Angelo hasn’t lost that nasal New England foghorn, but I too — even if it’s too late to get on board as a regular listener — hear something different from the old days. The edge is still there, yet it’s been filed down. It pokes but doesn’t cut. Those 300 emails a day no doubt serve as an echo chamber that still fuels his method — You rule, Angelo, telling that stinkin’ Ben Simmons to pack his bag for Brooklyn. But in this era, it’s also a safe bet that some of those listeners have helped reel him in. Even current Eagles GM Howie Roseman, a frequent punching bag for Angelo in the years post-Banner, seems to have come around. “I enjoy sparring with Angelo,” he says. Winning a Super Bowl will do that. Which, of course, hasn’t stopped Angelo from continuing to rip Roseman on-air for dubious decisions. Listeners still want that, too, which has become, in this late phase of Angelo’s career, a sort of moral guidepost — he believes he speaks for us.

There’s no way the next early-morning host on WIP will be like Angelo, especially early Angelo; he’d be jettisoned in the first groundswell of complaints. If you listen to other hosts on the station, there’s a decidedly next-generation feel. They’re mostly pleasant guys — and yeah, it’s all guys in the lead roles. They have opinions, but they don’t speak as if they’re delivering threats. They aren’t picking fights. They aren’t outraged. Of course, media in general has changed, unless you’re playing, like Alex Jones or Dan Bongino, to a lunatic fringe. Even Howard Stern isn’t Howard Stern any longer.

In many ways, that’s good. But I wonder now if the next version of Angelo in the mornings, given the increasing pressure to play nice, will be pleasant to the point of boring, the place to tune for comfort instead of challenge. And with that, something would be lost, as he heads off into retirement. The risk is that WIP caves in — as so much of media has — to being careful instead of honest, a sure path to irrelevancy.

And that suggests another possibility of Angelo’s effect, also based on his bare-knuckle style: that he has created a forum for a public airing of the way we feel, as we peer through the looking glass into the make-believe world of our big-time gladiators. That his style and tone, especially with the nastiness largely gone, allow us to get to what’s real in the metaphor of sports, a place where we gather to deal with rage and blame and loss and, sometimes, victory. That Angelo’s connection to his listeners really does help us connect to each other.

That reading of him might seem, at this late date, a little rich for the Angelo make-fun-of-everything-in-front-of-me style. So how about this: He finally — in his last incarnation — offers a release. A way to vent at a time when we’re all desperate for some sort of escape.
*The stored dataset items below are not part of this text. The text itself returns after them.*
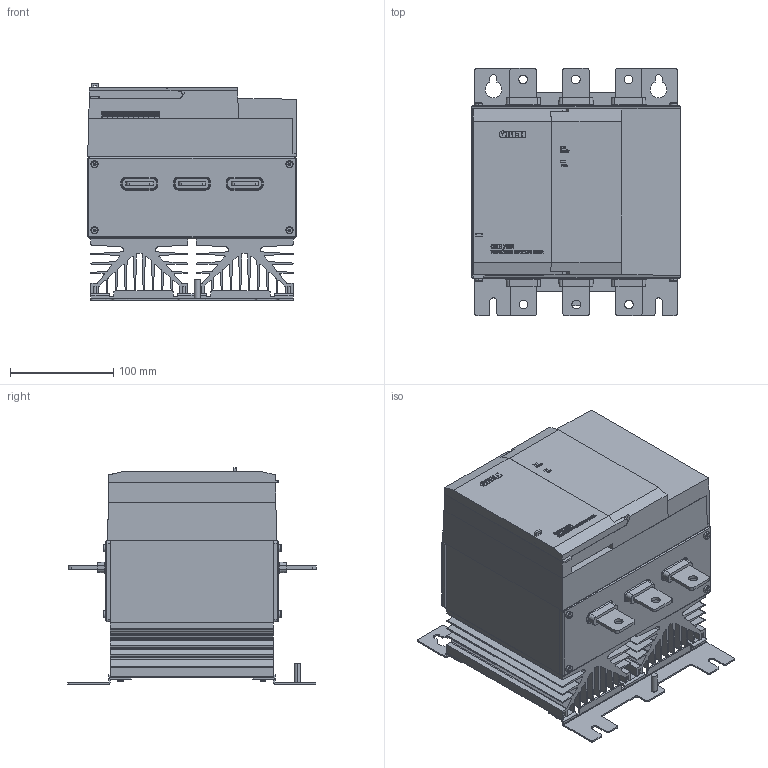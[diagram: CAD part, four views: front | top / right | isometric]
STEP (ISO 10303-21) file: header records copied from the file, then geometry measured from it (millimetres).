
FILE_DESCRIPTION (( 'STEP AP214' ), '1' );
FILE_NAME ('3D ìîäåëü ÓÏÏ2-75Ê-Â.STEP', '2017-09-06T07:12:02', ( '' ), ( '' ), 'SwSTEP 2.0', 'SolidWorks 2014', '' );
FILE_SCHEMA (( 'AUTOMOTIVE_DESIGN' ));
Length unit declared in the file: millimetre
Products named in the file (12): Ïàíåëü âíóòðåííÿÿ; Ðàäèàòîð ÓÏÏ2-75Ê-Â; Êëåììà_14õ9,8õ5ìì; socket head thin cap screw_din_DIN 7984 - M3 x 10 --- 8.5N; Êðåïåæ ÓÏÏ2-75Ê-Â_íèç; Êîðïóñ ÓÏÏ2-75Ê-Â; Êðåïåæ ÓÏÏ2-75Ê-Â_âåðõ; 3D ìîäåëü ÓÏÏ2-75Ê-Â; Êðûøêà ÓÏÏ2-55Ê-Â; 冓踖樦 6pin; Âûâîäû ÓÏÏ2-75Ê-Â; socket head thin cap screw_din_DIN 7984 - M4 x 10 --- 7.9N
Assembly tree (37 placements, depth 2):
  3D ìîäåëü ÓÏÏ2-75Ê-Â
    Êîðïóñ ÓÏÏ2-75Ê-Â
    Ðàäèàòîð ÓÏÏ2-75Ê-Â  x2
    socket head thin cap screw_din_DIN 7984 - M3 x 10 --- 8.5N  x8
    Ïàíåëü âíóòðåííÿÿ
    Êëåììà_14õ9,8õ5ìì  x11
    冓踖樦 6pin
    Êðûøêà ÓÏÏ2-55Ê-Â
    Âûâîäû ÓÏÏ2-75Ê-Â  x2
    Êðåïåæ ÓÏÏ2-75Ê-Â_âåðõ
    Êðåïåæ ÓÏÏ2-75Ê-Â_íèç
    socket head thin cap screw_din_DIN 7984 - M4 x 10 --- 7.9N  x8
Bounding box: 202 x 240.25 x 209.8 mm (x, y, z)
Volume: 5353453.8 mm3; surface area: 832619.9 mm2
Topology: 90 solids, 90 shells, 5362 faces, 14228 edges, 9332 vertices
Faces by surface type: plane 2609, bspline 1976, cylinder 593, torus 96, cone 88
Entity records: 190947 total; most frequent: CARTESIAN_POINT 58683, ORIENTED_EDGE 23072, DIRECTION 12721, EDGE_CURVE 11536, VERTEX_POINT 7638, VECTOR 6955, LINE 6955, EDGE_LOOP 4530

And we can certainly give Angelo this: He’s worked his ass off. To bed at 6:30 in the evening, up at 2:30 prepping for that 5:30 start to his show five days a week, to nail the sports story everyone’s thinking about, or should be. For more than 30 years! “It’s not a job, it’s a life,” he says. He’s on marriage number two, with a big blended family and eight grandchildren; he freely admits he’s a much better grandfather than father — the work came first. And now, with that life about to end, 71 years old, he’s nervous about the next phase, given that he has no hobbies, no friends, really, and no real plan. He was determined to walk utterly away, to go silent — then he signed up to join a podcast on comedian Jay Black’s website about TV (no sports!). And he’ll take a stab at writing a memoir.

But when he contemplates what it will be like to finally move on from his daily soapbox, Angelo Cataldi comes to a feeling that, for him, is brand-new: “I don’t know.”

Published as “The End of Angelo” in the November 2022 issue of Philadelphia magazine.